Motherhood doesn't have an expiration date nor does it end simply because your kids are grown. Too often do we (mothers) find ourselves so absorbed in rearing our children that we fail to contemplate on life after the "nest" has emptied. Suddenly, the time creeps up, the kids are gone, and we either try to find out who we are or just give up. I know, this hasn't happened to me yet so how can I even begin to give advice? I can't. However, I've seen the pattern repeat itself within my family. So, I know this is a subject that NEEDS to be talked about. Well when you do not know, you ask. I happened to ask Lisa Hale (The Silver Stylist), an entrepreneur, stylist, blogger, mother, AND grandmother. She has not only experienced the "empty nest" syndrome, she has seen it happen to other mothers as well. Check out her perspective on beauty, life over fifty, styling, and tapping into your identity below:  

  1. Over the years you have transitioned from several career paths, did it ever scare you to start a new career? At 56 years old, I have learned that I am never too old to recreate myself and start something new. Transitioning between different careers was easy for me because I was not scared of the unknown. I jumped in with both feet in and I pursued passion over fear.  

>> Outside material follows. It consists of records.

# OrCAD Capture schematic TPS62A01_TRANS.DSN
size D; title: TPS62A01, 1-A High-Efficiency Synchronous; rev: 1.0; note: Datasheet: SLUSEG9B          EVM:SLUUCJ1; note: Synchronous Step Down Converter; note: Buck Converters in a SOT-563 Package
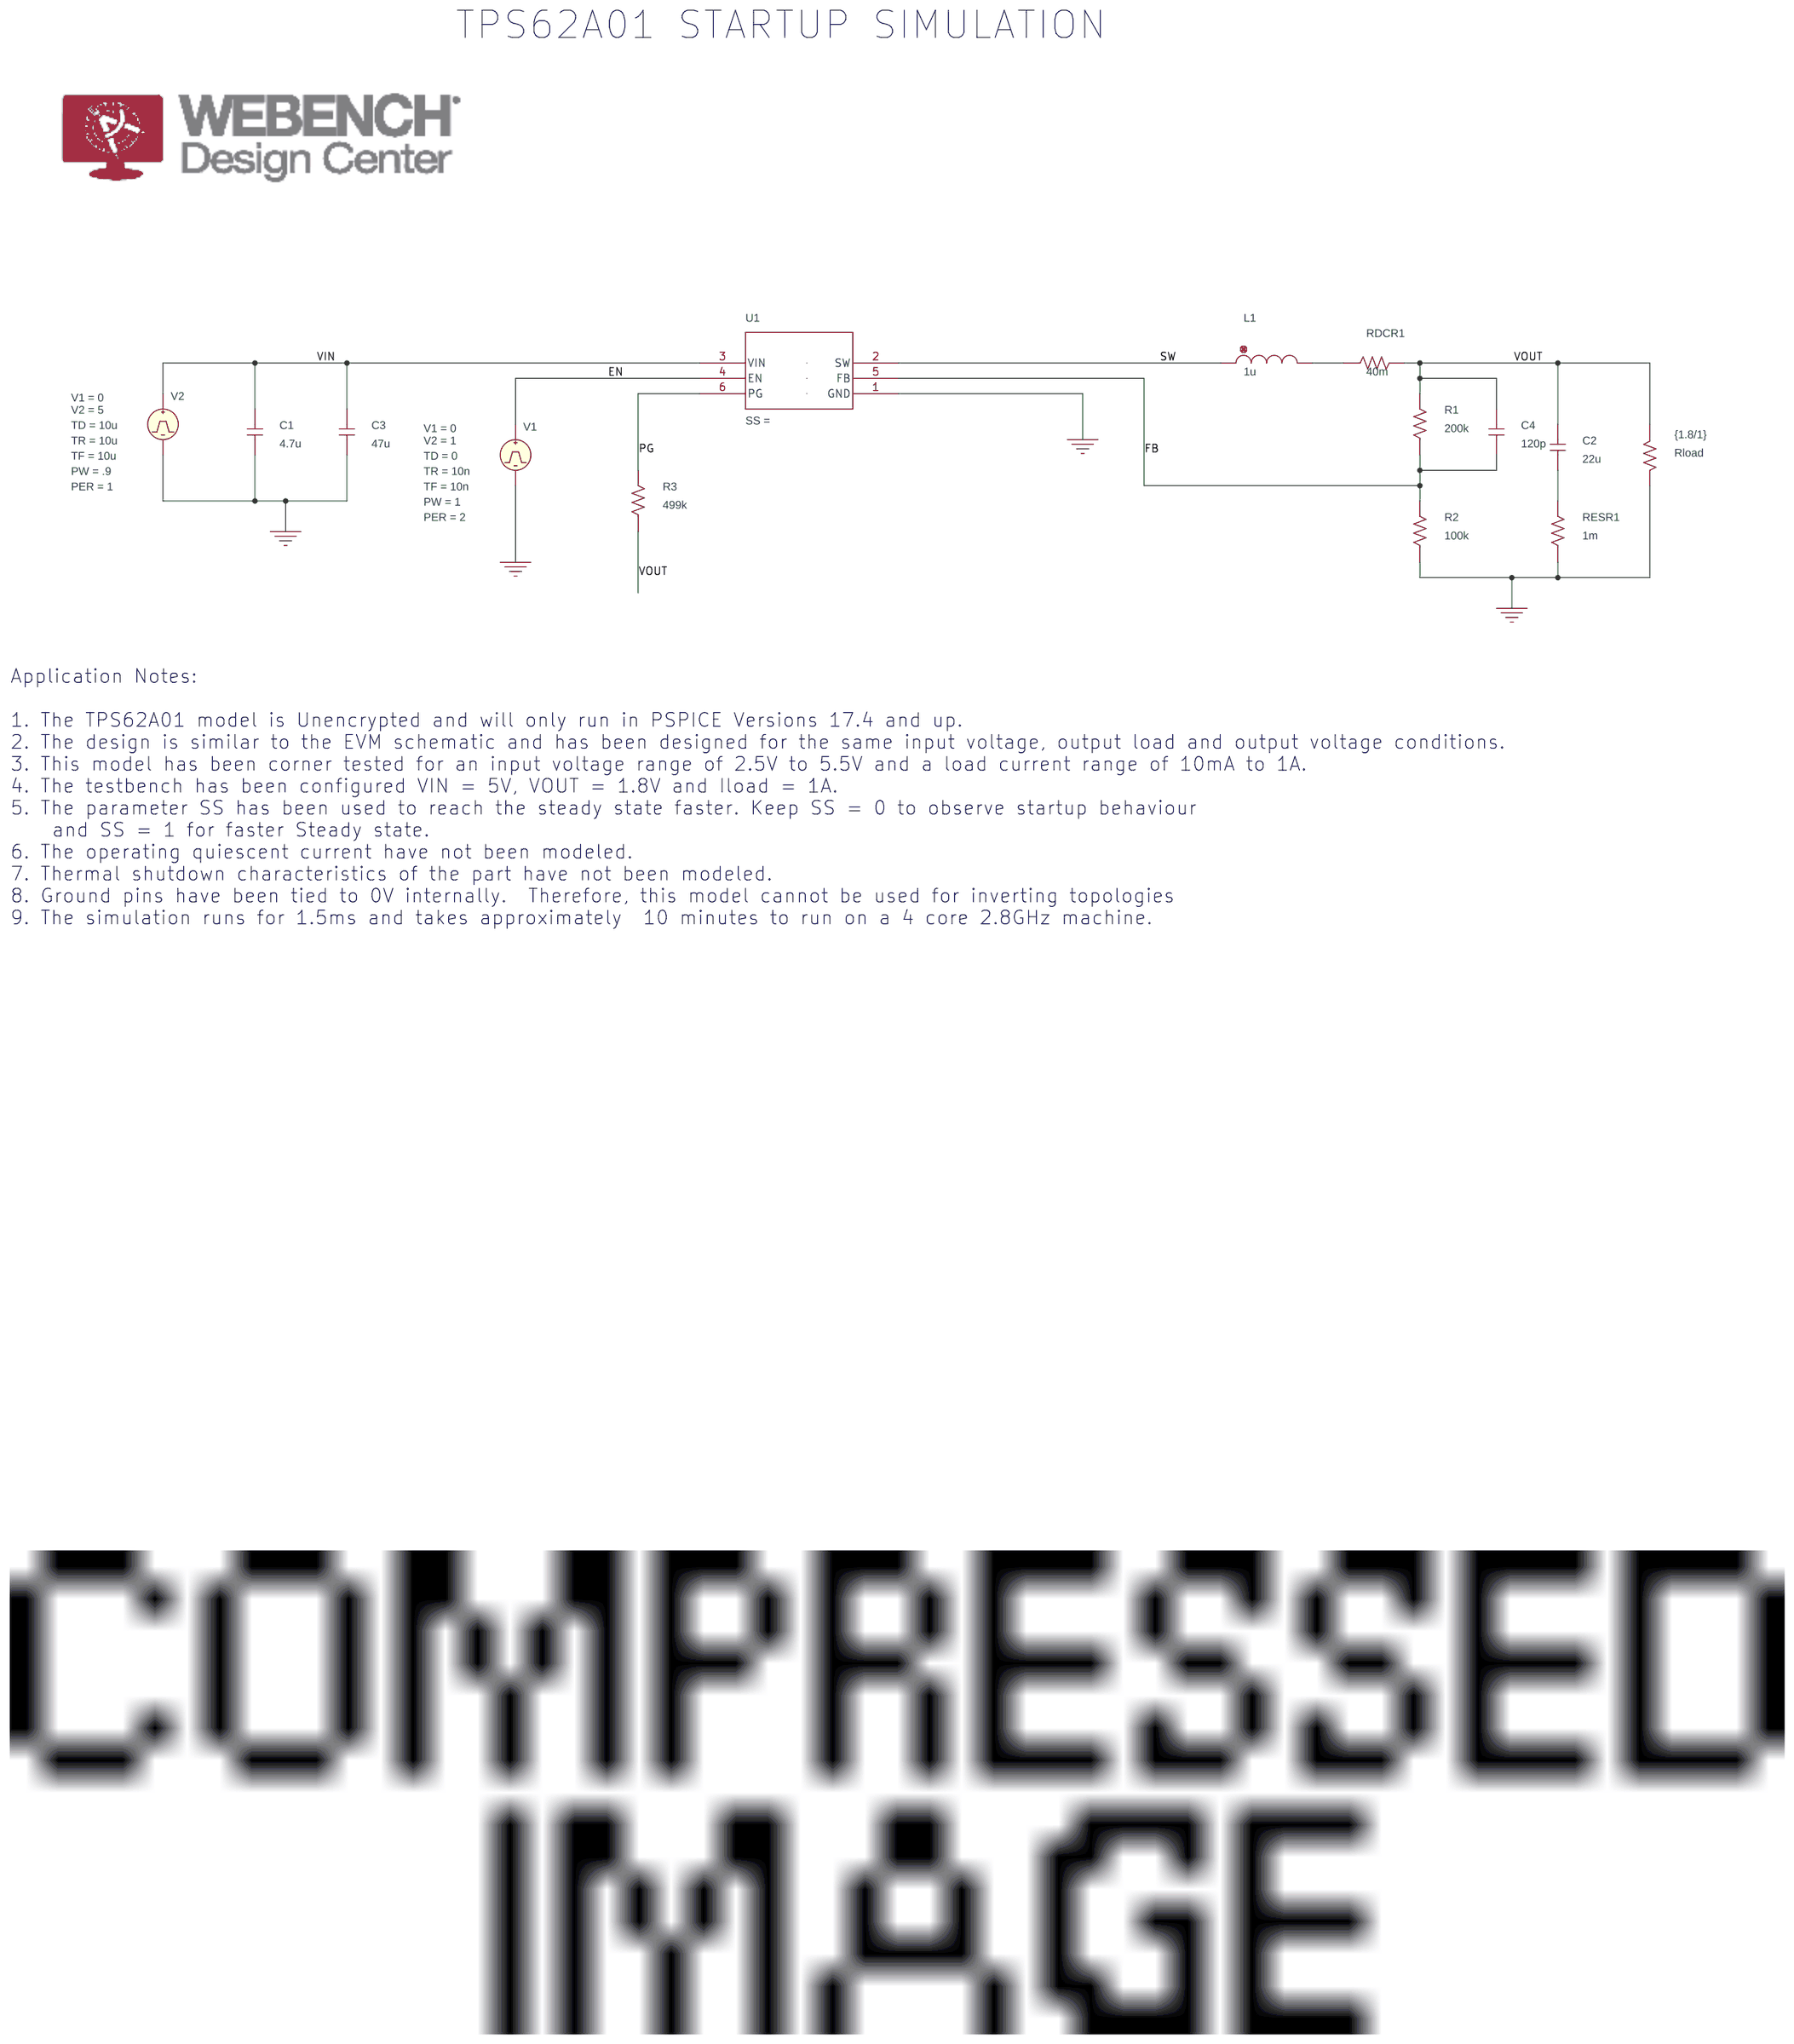
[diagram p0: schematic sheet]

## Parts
C1  4.7u  [RAD/CK05]
C2  22u  [RAD/CK05]
C3  47u  [RAD/CK05]
C4  120p  [RAD/CK05]
L1  1u  [DISC/.350x.175/LS.200x.100/.034]
R1  200k  [AX/RC05]
R2  100k  [AX/RC05]
R3  499k  [AX/RC05]
RDCR1  40m  [AX/RC05]
RESR1  1m  [AX/RC05]
Rload  {1.8/1}  [AX/RC05]
U1  Value  [DRL0006A-MFG]
V1  VPULSE
V2  VPULSE

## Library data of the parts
C1-C4 = C
L1 = L
R1-R3 RDCR1 RESR1 Rload = R
U1 = TPS62A01DRL_TRANS
V1 = VPULSE: PER: 2; PW: 1; TD: 0; TF: 10n; TR: 10n; V1: 0; V2: 1
V2 = VPULSE: PER: 1; PW: .9; TD: 10u; TF: 10u; TR: 10u; V1: 0; V2: 5

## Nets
VIN: C1.2 C3.2 U1.3(VIN) V2.1(+)
0: C1.1 C3.1 R2.1 RESR1.1 Rload.2 U1.1(GND) V1.2(-) V2.2(-)
EN: U1.4(EN) V1.1(+)
FB: C4.1 R1.1 R2.2 U1.5(FB)
PG: R3.2 U1.6(PG)
SW: L1.1 U1.2(SW)
VOUT: C2.2 C4.2 R1.2 R3.1 RDCR1.2 Rload.1
N16776436: L1.2 RDCR1.1
N16776762: C2.1 RESR1.2

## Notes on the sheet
- TPS62A01 STARTUP SIMULATION
- Application Notes:
  1. The TPS62A01 model is Unencrypted and will only run in PSPICE Versions 17.4 and up.
  2. The design is similar to the EVM schematic and has been designed for the same input voltage, output load and output voltage conditions.
  3. This model has been corner tested for an input voltage range of 2.5V to 5.5V and a load current range of 10mA to 1A.
  4. The testbench has been configured VIN = 5V, VOUT = 1.8V and Iload = 1A.
  5. The parameter SS has been used to reach the steady state faster. Keep SS = 0 to observe startup behaviour
      and SS = 1 for faster Steady state.
  6. The operating quiescent current have not been modeled.
  7. Thermal shutdown characteristics of the part have not been modeled.
  8. Ground pins have been tied to 0V internally.  Therefore, this model cannot be used for inverting topologies
  9. The simulation runs for 1.5ms and takes approximately  10 minutes to run on a 4 core 2.8GHz machine.

  2. What is your advice to women who deal with the fear of failure? If I never ventured out, I would never know. Fear of failing cannot be an excuse, with failure comes a lesson. So what if you take two steps and make a mistake. It does not mean that you cannot go to the right or left to overcome that mistake. You are only failing when you stop going for what you want completely.
  3. Working in the retail industry for so long, have you seen firsthand what happens to women after their children have left home? I have seen women give their heart and soul to their children, and than the kids leave and go to school. Once the children are gone, they are forced to try to understand who they are. They have no idea who they are, how to feel beautiful, how to dress, or how to start understanding themselves. It is heartbreaking watching someone look so lost and without an identity.
  4. What is your advice to women who are trying to “find their identity” after their kids are grown? Do not let age or where you are at in life discourage you from getting back to what makes you feel beautiful. If we looked back at great leaders who were afraid of evolving where would we be? Ask yourself, what is it that I like? What drives me? For me, I thrive off the energy of others; I am a people person. Therefore, I focus on how to recreate myself with that. Understand your personality, maybe get a part-time job, and volunteer somewhere to take the focus off yourself. Be around people, it gives you the opportunity to dress yourself up and feel like you are still a part of something. Serving and helping others is like a gift, you are rewarded for it internally. It highlights the positive things about you and shows you other parts of you to work on.
  5. What are some of your favorite store to shop? A lot of my stuff is from Target, TJ Max, Old Navy, Nordstrom Rack, Buffalo Exchange, and..... thrift stores. Some of my favorite and classic pieces I got from thrift shopping. 
  6. What styling advice would you give to mothers trying to look good on a budget? It is all on how you put your pieces together. Our society has this concept of disposable clothing but I have had a lot of my clothing from years ago. If you do not buy super faddish and instead buy a little more conservative, classic, pieces you can re-wear them throughout the seasons. My advice would be to look at the key colors for the seasons and interchange them throughout the years. Fashion always comes back. You can invest into an item and mix it with cheaper items in different styles. I get amused when people say, “these are the number of items you need per season”. Seasonal items center on you and your individual day to day. So, base your “invested pieces” around your lifestyle. Style is not as cut and dry as people try to make it. It is personal and it is individual to who you are and what you do.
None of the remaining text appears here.